Task input START

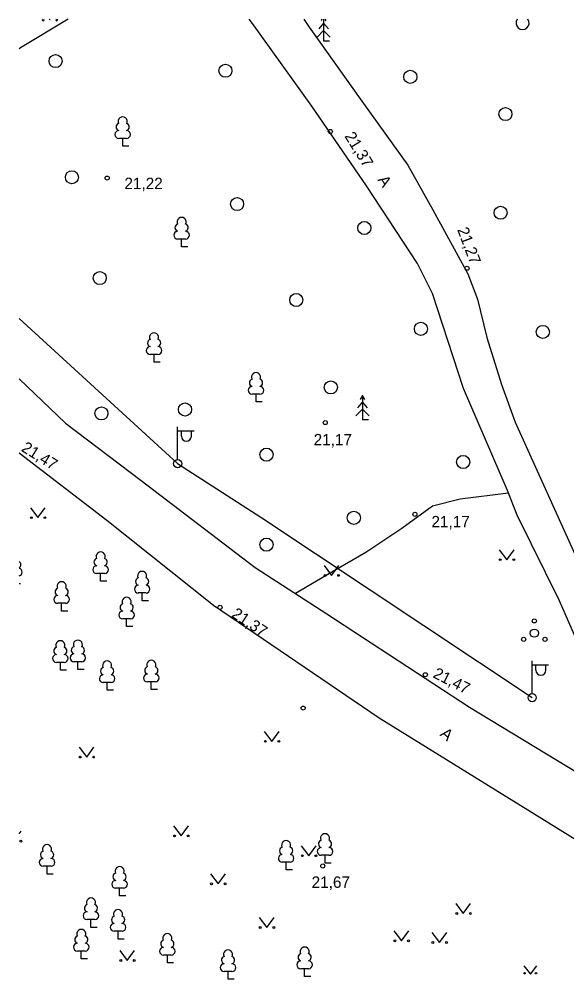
# Model space of a CAD drawing. Extents: x 714391 to 714584, y 6589993 to 6590151.
# Drawn here: x 714390.6 to 714424.1, y 6590092.2 to 6590151.1 of the extents above; entities that cross this region are included whole.
import ezdxf

# ---------------------------------------------------------------- set-up
doc = ezdxf.new("R2010")
doc.units = 0
for name, color, linetype in [('HALJASTUS', 7, 'Continuous'), ('KORGUS', 7, 'Continuous'), ('MPKAABEL', 7, 'Continuous'), ('POST', 7, 'Continuous'), ('PUU', 7, 'Continuous'), ('TEE', 7, 'Continuous')]:
    doc.layers.add(name, color=color, linetype=linetype)

msp = doc.modelspace()

# ---------------------------------------------------------------- linework, layer by layer
at = {"layer": 'HALJASTUS'}
for p, q in [((714392.483, 6590151.075), (714392.51, 6590151.04)), ((714392.51, 6590151.04), (714392.536, 6590151.075)), ((714391.327, 6590121.227), (714391.79, 6590120.62)), ((714391.79, 6590120.62), (714392.236, 6590121.227)), ((714419.987, 6590118.657), (714420.45, 6590118.05)), ((714420.45, 6590118.05), (714420.896, 6590118.657)), ((714409.277, 6590117.697), (714409.74, 6590117.09)), ((714409.74, 6590117.09), (714410.186, 6590117.697)), ((714405.627, 6590107.557), (714406.09, 6590106.95)), ((714406.09, 6590106.95), (714406.536, 6590107.557)), ((714394.307, 6590106.597), (714394.77, 6590105.99)), ((714394.77, 6590105.99), (714395.216, 6590106.597)), ((714400.077, 6590101.777), (714400.54, 6590101.17)), ((714400.54, 6590101.17), (714400.986, 6590101.777)), ((714390.649, 6590101.299), (714390.766, 6590101.457)), ((714407.887, 6590100.567), (714408.35, 6590099.96)), ((714408.35, 6590099.96), (714408.796, 6590100.567)), ((714402.337, 6590098.847), (714402.8, 6590098.24)), ((714402.8, 6590098.24), (714403.246, 6590098.847)), ((714417.327, 6590097.037), (714417.79, 6590096.43)), ((714417.79, 6590096.43), (714418.236, 6590097.037)), ((714405.317, 6590096.177), (714405.78, 6590095.57)), ((714405.78, 6590095.57), (714406.226, 6590096.177)), ((714413.547, 6590095.367), (714414.01, 6590094.76)), ((714414.01, 6590094.76), (714414.456, 6590095.367)), ((714415.867, 6590095.267), (714416.33, 6590094.66)), ((714416.33, 6590094.66), (714416.776, 6590095.267)), ((714396.787, 6590094.167), (714397.25, 6590093.56)), ((714397.25, 6590093.56), (714397.696, 6590094.167)), ((714421.484, 6590093.227), (714421.889, 6590092.722)), ((714421.889, 6590092.722), (714422.284, 6590093.227))]:
    msp.add_line(p, q, dxfattribs=at)
for points in [[(714393.647, 6590151.075), (714390.73, 6590149.32), (714390.649, 6590149.275)], [(714420.55, 6590122.12), (714417.59, 6590121.75), (714415.91, 6590121.32), (714414.04, 6590119.96), (714411.84, 6590118.48), (714409.76, 6590117.28), (714407.53, 6590115.99)]]:
    msp.add_lwpolyline(points, dxfattribs=at)
for centre, radius in [((714392.87, 6590148.52), 0.4), ((714403.25, 6590147.93), 0.4), ((714414.55, 6590147.56), 0.4), ((714420.36, 6590145.28), 0.4), ((714393.87, 6590141.42), 0.4), ((714403.96, 6590139.78), 0.4), ((714420.07, 6590139.25), 0.4), ((714411.74, 6590138.32), 0.4), ((714395.57, 6590135.26), 0.4), ((714407.58, 6590133.92), 0.4), ((714415.2, 6590132.16), 0.4), ((714422.65, 6590131.97), 0.4), ((714409.69, 6590128.58), 0.4), ((714400.78, 6590127.23), 0.4), ((714395.67, 6590126.99), 0.4), ((714405.76, 6590124.47), 0.4), ((714417.78, 6590124.02), 0.4), ((714411.1, 6590120.61), 0.4), ((714391.389, 6590120.62), 0.055), ((714392.218, 6590120.62), 0.055), ((714405.76, 6590118.97), 0.4), ((714420.049, 6590118.05), 0.055), ((714420.878, 6590118.05), 0.055), ((714409.339, 6590117.09), 0.055), ((714410.168, 6590117.09), 0.055), ((714422.13, 6590114.31), 0.125), ((714422.13, 6590113.56), 0.25), ((714421.48, 6590113.185), 0.125), ((714422.78, 6590113.185), 0.125), ((714405.689, 6590106.95), 0.055), ((714406.518, 6590106.95), 0.055), ((714394.369, 6590105.99), 0.055), ((714395.198, 6590105.99), 0.055), ((714400.139, 6590101.17), 0.055), ((714400.968, 6590101.17), 0.055), ((714390.748, 6590100.85), 0.055), ((714407.949, 6590099.96), 0.055), ((714408.778, 6590099.96), 0.055), ((714402.399, 6590098.24), 0.055), ((714403.228, 6590098.24), 0.055), ((714417.389, 6590096.43), 0.055), ((714418.218, 6590096.43), 0.055), ((714405.379, 6590095.57), 0.055), ((714406.208, 6590095.57), 0.055), ((714413.609, 6590094.76), 0.055), ((714414.438, 6590094.76), 0.055), ((714415.929, 6590094.66), 0.055), ((714416.758, 6590094.66), 0.055), ((714396.849, 6590093.56), 0.055), ((714397.678, 6590093.56), 0.055), ((714421.536, 6590092.778), 0.0428), ((714422.236, 6590092.778), 0.0452)]:
    msp.add_circle(centre, radius, dxfattribs=at)
for centre, radius, start, end in [((714392.109, 6590151.04), 0.055, 139.81459, 40.18541), ((714392.938, 6590151.04), 0.055, 139.81459, 40.18541), ((714421.41, 6590150.85), 0.4, 145.68563, 34.31437)]:
    msp.add_arc(centre, radius, start, end, dxfattribs=at)
at = {"layer": 'KORGUS'}
for centre in [(714409.66, 6590144.22), (714396.02, 6590141.37), (714418.02, 6590135.86), (714409.35, 6590126.43), (714414.83, 6590120.82), (714402.92, 6590115.14), (714415.47, 6590111.02), (714408, 6590108.98), (714409.2, 6590099.33)]:
    msp.add_circle(centre, 0.125, dxfattribs=at)
at = {"layer": 'MPKAABEL'}
for points in [[(714390.649, 6590132.781), (714400.33, 6590123.92)], [(714400.33, 6590123.92), (714405.47, 6590120.61), (714422, 6590109.62)]]:
    msp.add_lwpolyline(points, dxfattribs=at)
at = {"layer": 'POST'}
for p, q in [((714400.33, 6590124.17), (714400.33, 6590126.17)), ((714400.33, 6590125.92), (714401.33, 6590125.92)), ((714400.557, 6590125.599), (714400.557, 6590125.92)), ((714401.169, 6590125.599), (714401.169, 6590125.92)), ((714422, 6590109.87), (714422, 6590111.87)), ((714422, 6590111.62), (714423, 6590111.62)), ((714422.227, 6590111.299), (714422.227, 6590111.62)), ((714422.839, 6590111.299), (714422.839, 6590111.62))]:
    msp.add_line(p, q, dxfattribs=at)
for centre in [(714400.33, 6590123.92), (714422, 6590109.62)]:
    msp.add_circle(centre, 0.25, dxfattribs=at)
for centre in [(714400.863, 6590125.599), (714422.533, 6590111.299)]:
    msp.add_arc(centre, 0.306, 180, 0, dxfattribs=at)
at = {"layer": 'PUU'}
for p, q in [((714409.151, 6590151.075), (714409.1, 6590150.99)), ((714409.25, 6590151.075), (714409.25, 6590149.74)), ((714409.4, 6590150.99), (714409.349, 6590151.075)), ((714409.25, 6590150.84), (714408.95, 6590150.49)), ((714409.55, 6590150.49), (714409.25, 6590150.84)), ((714409.25, 6590150.39), (714408.85, 6590149.99)), ((714409.65, 6590149.99), (714409.25, 6590150.39)), ((714409.61, 6590149.74), (714409.25, 6590149.74)), ((714397.21, 6590143.795), (714396.73, 6590143.795)), ((714396.97, 6590143.32), (714396.97, 6590143.795)), ((714397.35, 6590143.32), (714396.97, 6590143.32)), ((714400.81, 6590137.645), (714400.33, 6590137.645)), ((714400.57, 6590137.17), (714400.57, 6590137.645)), ((714400.95, 6590137.17), (714400.57, 6590137.17)), ((714399.13, 6590130.595), (714398.65, 6590130.595)), ((714398.89, 6590130.12), (714398.89, 6590130.595)), ((714399.27, 6590130.12), (714398.89, 6590130.12)), ((714405.36, 6590128.165), (714404.88, 6590128.165)), ((714405.12, 6590127.69), (714405.12, 6590128.165)), ((714411.63, 6590128.09), (714411.48, 6590127.84)), ((714411.78, 6590127.84), (714411.63, 6590128.09)), ((714411.63, 6590128.09), (714411.63, 6590126.59)), ((714405.5, 6590127.69), (714405.12, 6590127.69)), ((714411.63, 6590127.69), (714411.33, 6590127.34)), ((714411.93, 6590127.34), (714411.63, 6590127.69)), ((714411.63, 6590127.24), (714411.23, 6590126.84)), ((714412.03, 6590126.84), (714411.63, 6590127.24)), ((714411.99, 6590126.59), (714411.63, 6590126.59)), ((714395.86, 6590117.205), (714395.38, 6590117.205)), ((714395.62, 6590116.73), (714395.62, 6590117.205)), ((714390.73, 6590116.58), (714390.649, 6590116.58)), ((714396, 6590116.73), (714395.62, 6590116.73)), ((714398.4, 6590116.015), (714397.92, 6590116.015)), ((714398.16, 6590115.54), (714398.16, 6590116.015)), ((714393.48, 6590115.385), (714393, 6590115.385)), ((714393.24, 6590114.91), (714393.24, 6590115.385)), ((714398.54, 6590115.54), (714398.16, 6590115.54)), ((714393.62, 6590114.91), (714393.24, 6590114.91)), ((714397.45, 6590114.435), (714396.97, 6590114.435)), ((714397.21, 6590113.96), (714397.21, 6590114.435)), ((714397.59, 6590113.96), (714397.21, 6590113.96)), ((714393.4, 6590111.775), (714392.92, 6590111.775)), ((714393.16, 6590111.3), (714393.16, 6590111.775)), ((714394.47, 6590111.815), (714393.99, 6590111.815)), ((714394.23, 6590111.34), (714394.23, 6590111.815)), ((714393.54, 6590111.3), (714393.16, 6590111.3)), ((714394.61, 6590111.34), (714394.23, 6590111.34)), ((714396.26, 6590110.545), (714395.78, 6590110.545)), ((714396.02, 6590110.07), (714396.02, 6590110.545)), ((714398.96, 6590110.585), (714398.48, 6590110.585)), ((714398.72, 6590110.11), (714398.72, 6590110.585)), ((714396.4, 6590110.07), (714396.02, 6590110.07)), ((714399.1, 6590110.11), (714398.72, 6590110.11)), ((714409.58, 6590099.985), (714409.1, 6590099.985)), ((714409.34, 6590099.51), (714409.34, 6590099.985)), ((714392.59, 6590099.315), (714392.11, 6590099.315)), ((714392.35, 6590098.84), (714392.35, 6590099.315)), ((714407.2, 6590099.565), (714406.72, 6590099.565)), ((714406.96, 6590099.09), (714406.96, 6590099.565)), ((714409.72, 6590099.51), (714409.34, 6590099.51)), ((714392.73, 6590098.84), (714392.35, 6590098.84)), ((714407.34, 6590099.09), (714406.96, 6590099.09)), ((714397.02, 6590097.975), (714396.54, 6590097.975)), ((714396.78, 6590097.5), (714396.78, 6590097.975)), ((714397.16, 6590097.5), (714396.78, 6590097.5)), ((714395.27, 6590096.055), (714394.79, 6590096.055)), ((714395.03, 6590095.58), (714395.03, 6590096.055)), ((714395.41, 6590095.58), (714395.03, 6590095.58)), ((714396.93, 6590095.345), (714396.45, 6590095.345)), ((714396.69, 6590094.87), (714396.69, 6590095.345)), ((714397.07, 6590094.87), (714396.69, 6590094.87)), ((714394.68, 6590094.135), (714394.2, 6590094.135)), ((714394.44, 6590093.66), (714394.44, 6590094.135)), ((714394.82, 6590093.66), (714394.44, 6590093.66)), ((714399.94, 6590093.885), (714399.46, 6590093.885)), ((714399.7, 6590093.41), (714399.7, 6590093.885)), ((714400.08, 6590093.41), (714399.7, 6590093.41)), ((714403.65, 6590092.885), (714403.17, 6590092.885)), ((714403.41, 6590092.41), (714403.41, 6590092.885)), ((714408.33, 6590093.055), (714407.85, 6590093.055)), ((714408.09, 6590092.58), (714408.09, 6590093.055)), ((714403.79, 6590092.41), (714403.41, 6590092.41)), ((714408.47, 6590092.58), (714408.09, 6590092.58))]:
    msp.add_line(p, q, dxfattribs=at)
for centre, radius, start, end in [((714396.8, 6590144.493), 0.233, 109.02174, 253.14154), ((714396.97, 6590144.84), 0.277, 332.5799, 207.4201), ((714397.14, 6590144.493), 0.233, 286.85082, 70.98591), ((714396.733, 6590144.032), 0.238, 90.0016, 269.3953), ((714397.207, 6590144.032), 0.238, 270.6047, 89.9984), ((714400.57, 6590138.69), 0.277, 332.5799, 207.4201), ((714400.333, 6590137.882), 0.238, 90.0016, 269.3953), ((714400.4, 6590138.343), 0.233, 109.02174, 253.14154), ((714400.74, 6590138.343), 0.233, 286.85082, 70.98591), ((714400.807, 6590137.882), 0.238, 270.6047, 89.9984), ((714398.89, 6590131.64), 0.277, 332.5799, 207.4201), ((714398.653, 6590130.832), 0.238, 90.0016, 269.3953), ((714398.72, 6590131.293), 0.233, 109.02174, 253.14154), ((714399.06, 6590131.293), 0.233, 286.85082, 70.98591), ((714399.127, 6590130.832), 0.238, 270.6047, 89.9984), ((714405.12, 6590129.21), 0.277, 332.5799, 207.4201), ((714404.883, 6590128.402), 0.238, 90.0016, 269.3953), ((714404.95, 6590128.863), 0.233, 109.02174, 253.14154), ((714405.29, 6590128.863), 0.233, 286.85082, 70.98591), ((714405.357, 6590128.402), 0.238, 270.6047, 89.9984), ((714395.45, 6590117.903), 0.233, 109.02174, 253.14154), ((714395.62, 6590118.25), 0.277, 332.5799, 207.4201), ((714395.79, 6590117.903), 0.233, 286.85082, 70.98591), ((714390.52, 6590117.753), 0.233, 303.78356, 56.21644), ((714390.587, 6590117.292), 0.238, 285.10949, 74.89051), ((714395.383, 6590117.442), 0.238, 90.0016, 269.3953), ((714395.857, 6590117.442), 0.238, 270.6047, 89.9984), ((714397.99, 6590116.713), 0.233, 109.02174, 253.14154), ((714398.16, 6590117.06), 0.277, 332.5799, 207.4201), ((714398.33, 6590116.713), 0.233, 286.85082, 70.98591), ((714393.07, 6590116.083), 0.233, 109.02174, 253.14154), ((714393.24, 6590116.43), 0.277, 332.5799, 207.4201), ((714393.41, 6590116.083), 0.233, 286.85082, 70.98591), ((714397.923, 6590116.252), 0.238, 90.0016, 269.3953), ((714398.397, 6590116.252), 0.238, 270.6047, 89.9984), ((714393.003, 6590115.622), 0.238, 90.0016, 269.3953), ((714393.477, 6590115.622), 0.238, 270.6047, 89.9984), ((714397.21, 6590115.48), 0.277, 332.5799, 207.4201), ((714397.04, 6590115.133), 0.233, 109.02174, 253.14154), ((714397.38, 6590115.133), 0.233, 286.85082, 70.98591), ((714396.973, 6590114.672), 0.238, 90.0016, 269.3953), ((714397.447, 6590114.672), 0.238, 270.6047, 89.9984), ((714393.16, 6590112.82), 0.277, 332.5799, 207.4201), ((714394.23, 6590112.86), 0.277, 332.5799, 207.4201), ((714392.923, 6590112.012), 0.238, 90.0016, 269.3953), ((714392.99, 6590112.473), 0.233, 109.02174, 253.14154), ((714393.33, 6590112.473), 0.233, 286.85082, 70.98591), ((714393.397, 6590112.012), 0.238, 270.6047, 89.9984), ((714393.993, 6590112.052), 0.238, 90.0016, 269.3953), ((714394.06, 6590112.513), 0.233, 109.02174, 253.14154), ((714394.4, 6590112.513), 0.233, 286.85082, 70.98591), ((714394.467, 6590112.052), 0.238, 270.6047, 89.9984), ((714396.02, 6590111.59), 0.277, 332.5799, 207.4201), ((714398.72, 6590111.63), 0.277, 332.5799, 207.4201), ((714395.783, 6590110.782), 0.238, 90.0016, 269.3953), ((714395.85, 6590111.243), 0.233, 109.02174, 253.14154), ((714396.19, 6590111.243), 0.233, 286.85082, 70.98591), ((714396.257, 6590110.782), 0.238, 270.6047, 89.9984), ((714398.483, 6590110.822), 0.238, 90.0016, 269.3953), ((714398.55, 6590111.283), 0.233, 109.02174, 253.14154), ((714398.89, 6590111.283), 0.233, 286.85082, 70.98591), ((714398.957, 6590110.822), 0.238, 270.6047, 89.9984), ((714409.34, 6590101.03), 0.277, 332.5799, 207.4201), ((714392.35, 6590100.36), 0.277, 332.5799, 207.4201), ((714406.79, 6590100.263), 0.233, 109.02174, 253.14154), ((714406.96, 6590100.61), 0.277, 332.5799, 207.4201), ((714407.13, 6590100.263), 0.233, 286.85082, 70.98591), ((714409.103, 6590100.222), 0.238, 90.0016, 269.3953), ((714409.17, 6590100.683), 0.233, 109.02174, 253.14154), ((714409.51, 6590100.683), 0.233, 286.85082, 70.98591), ((714409.577, 6590100.222), 0.238, 270.6047, 89.9984), ((714392.113, 6590099.552), 0.238, 90.0016, 269.3953), ((714392.18, 6590100.013), 0.233, 109.02174, 253.14154), ((714392.52, 6590100.013), 0.233, 286.85082, 70.98591), ((714392.587, 6590099.552), 0.238, 270.6047, 89.9984), ((714406.723, 6590099.802), 0.238, 90.0016, 269.3953), ((714407.197, 6590099.802), 0.238, 270.6047, 89.9984), ((714396.78, 6590099.02), 0.277, 332.5799, 207.4201), ((714396.61, 6590098.673), 0.233, 109.02174, 253.14154), ((714396.95, 6590098.673), 0.233, 286.85082, 70.98591), ((714396.543, 6590098.212), 0.238, 90.0016, 269.3953), ((714397.017, 6590098.212), 0.238, 270.6047, 89.9984), ((714394.86, 6590096.753), 0.233, 109.02174, 253.14154), ((714395.03, 6590097.1), 0.277, 332.5799, 207.4201), ((714395.2, 6590096.753), 0.233, 286.85082, 70.98591), ((714394.793, 6590096.292), 0.238, 90.0016, 269.3953), ((714395.267, 6590096.292), 0.238, 270.6047, 89.9984), ((714396.52, 6590096.043), 0.233, 109.02174, 253.14154), ((714396.69, 6590096.39), 0.277, 332.5799, 207.4201), ((714396.86, 6590096.043), 0.233, 286.85082, 70.98591), ((714396.453, 6590095.582), 0.238, 90.0016, 269.3953), ((714396.927, 6590095.582), 0.238, 270.6047, 89.9984), ((714394.44, 6590095.18), 0.277, 332.5799, 207.4201), ((714399.7, 6590094.93), 0.277, 332.5799, 207.4201), ((714394.203, 6590094.372), 0.238, 90.0016, 269.3953), ((714394.27, 6590094.833), 0.233, 109.02174, 253.14154), ((714394.61, 6590094.833), 0.233, 286.85082, 70.98591), ((714394.677, 6590094.372), 0.238, 270.6047, 89.9984), ((714399.53, 6590094.583), 0.233, 109.02174, 253.14154), ((714399.87, 6590094.583), 0.233, 286.85082, 70.98591), ((714399.463, 6590094.122), 0.238, 90.0016, 269.3953), ((714399.937, 6590094.122), 0.238, 270.6047, 89.9984), ((714403.41, 6590093.93), 0.277, 332.5799, 207.4201), ((714407.92, 6590093.753), 0.233, 109.02174, 253.14154), ((714408.09, 6590094.1), 0.277, 332.5799, 207.4201), ((714408.26, 6590093.753), 0.233, 286.85082, 70.98591), ((714403.173, 6590093.122), 0.238, 90.0016, 269.3953), ((714403.24, 6590093.583), 0.233, 109.02174, 253.14154), ((714403.58, 6590093.583), 0.233, 286.85082, 70.98591), ((714403.647, 6590093.122), 0.238, 270.6047, 89.9984), ((714407.853, 6590093.292), 0.238, 90.0016, 269.3953), ((714408.327, 6590093.292), 0.238, 270.6047, 89.9984)]:
    msp.add_arc(centre, radius, start, end, dxfattribs=at)
at = {"layer": 'TEE'}
for points in [[(714390.649, 6590129.095), (714393.48, 6590126.4), (714398.09, 6590122.89), (714405.06, 6590117.58), (714409.44, 6590114.75), (714418.17, 6590109.03), (714426.14, 6590104.21), (714428.12, 6590105.45), (714427.35, 6590107.1), (714423.67, 6590115.54), (714421.09, 6590120.78), (714420.48, 6590122.28), (714417.81, 6590128.52), (714415.91, 6590134.31), (714414.98, 6590136.15), (714411.88, 6590140.9), (714408.53, 6590145.77), (714404.9, 6590150.82), (714404.697, 6590151.075)], [(714408.052, 6590151.075), (714408.37, 6590150.6), (714411.69, 6590145.93), (714414.39, 6590142.16), (714415.93, 6590139.44), (714418.07, 6590135.51), (714418.66, 6590133.97), (714419.22, 6590131.63), (714420.13, 6590128.75), (714420.96, 6590126.45), (714424.8, 6590117.94), (714430.08, 6590107.48), (714432.094, 6590103.064)], [(714390.65, 6590124.59), (714396, 6590120.47), (714402.53, 6590115.27), (714412.65, 6590108.38), (714428.405, 6590098.635), (714430.062, 6590097.596), (714432.277, 6590096.218), (714432.498, 6590094.946), (714428.283, 6590085.404), (714423.452, 6590074.702), (714420.733, 6590068.851), (714418.831, 6590064.457), (714408.849, 6590042.202), (714401.401, 6590025.886)]]:
    msp.add_lwpolyline(points, dxfattribs=at)

# ---------------------------------------------------------------- texts
at = {"layer": 'KORGUS'}
for s, rotation, p in [('21,37', 301.80941, (714410.506, 6590143.934)), ('21,27', 290.70142, (714417.407, 6590138.22)), ('21,47', 328.15092, (714390.722, 6590124.724)), ('21,37', 326.36381, (714403.566, 6590114.586)), ('21,47', 332.95947, (714415.883, 6590110.879))]:
    msp.add_text(s, height=0.7, rotation=rotation, dxfattribs=at).set_placement(p)
for s, p in [('21,22', (714397.076, 6590140.695)), ('21,17', (714408.641, 6590125.035)), ('21,17', (714415.841, 6590120.025)), ('21,67', (714408.521, 6590097.995))]:
    msp.add_text(s, height=0.7, dxfattribs=at).set_placement(p)
at = {"layer": 'TEE'}
for rotation, p in [(303.0603, (714412.529, 6590141.262)), (319.80155, (714416.325, 6590107.329))]:
    msp.add_text('A', height=0.7, rotation=rotation, dxfattribs=at).set_placement(p)

doc.saveas('drawing.dxf')

Task input END

Problem details
Only the lines that contain the string "HALJASTUS" should be copied from the entries above.

Solution to the exercise
for name, color, linetype in [('HALJASTUS', 7, 'Continuous'), ('KORGUS', 7, 'Continuous'), ('MPKAABEL', 7, 'Continuous'), ('POST', 7, 'Continuous'), ('PUU', 7, 'Continuous'), ('TEE', 7, 'Continuous')]:
at = {"layer": 'HALJASTUS'}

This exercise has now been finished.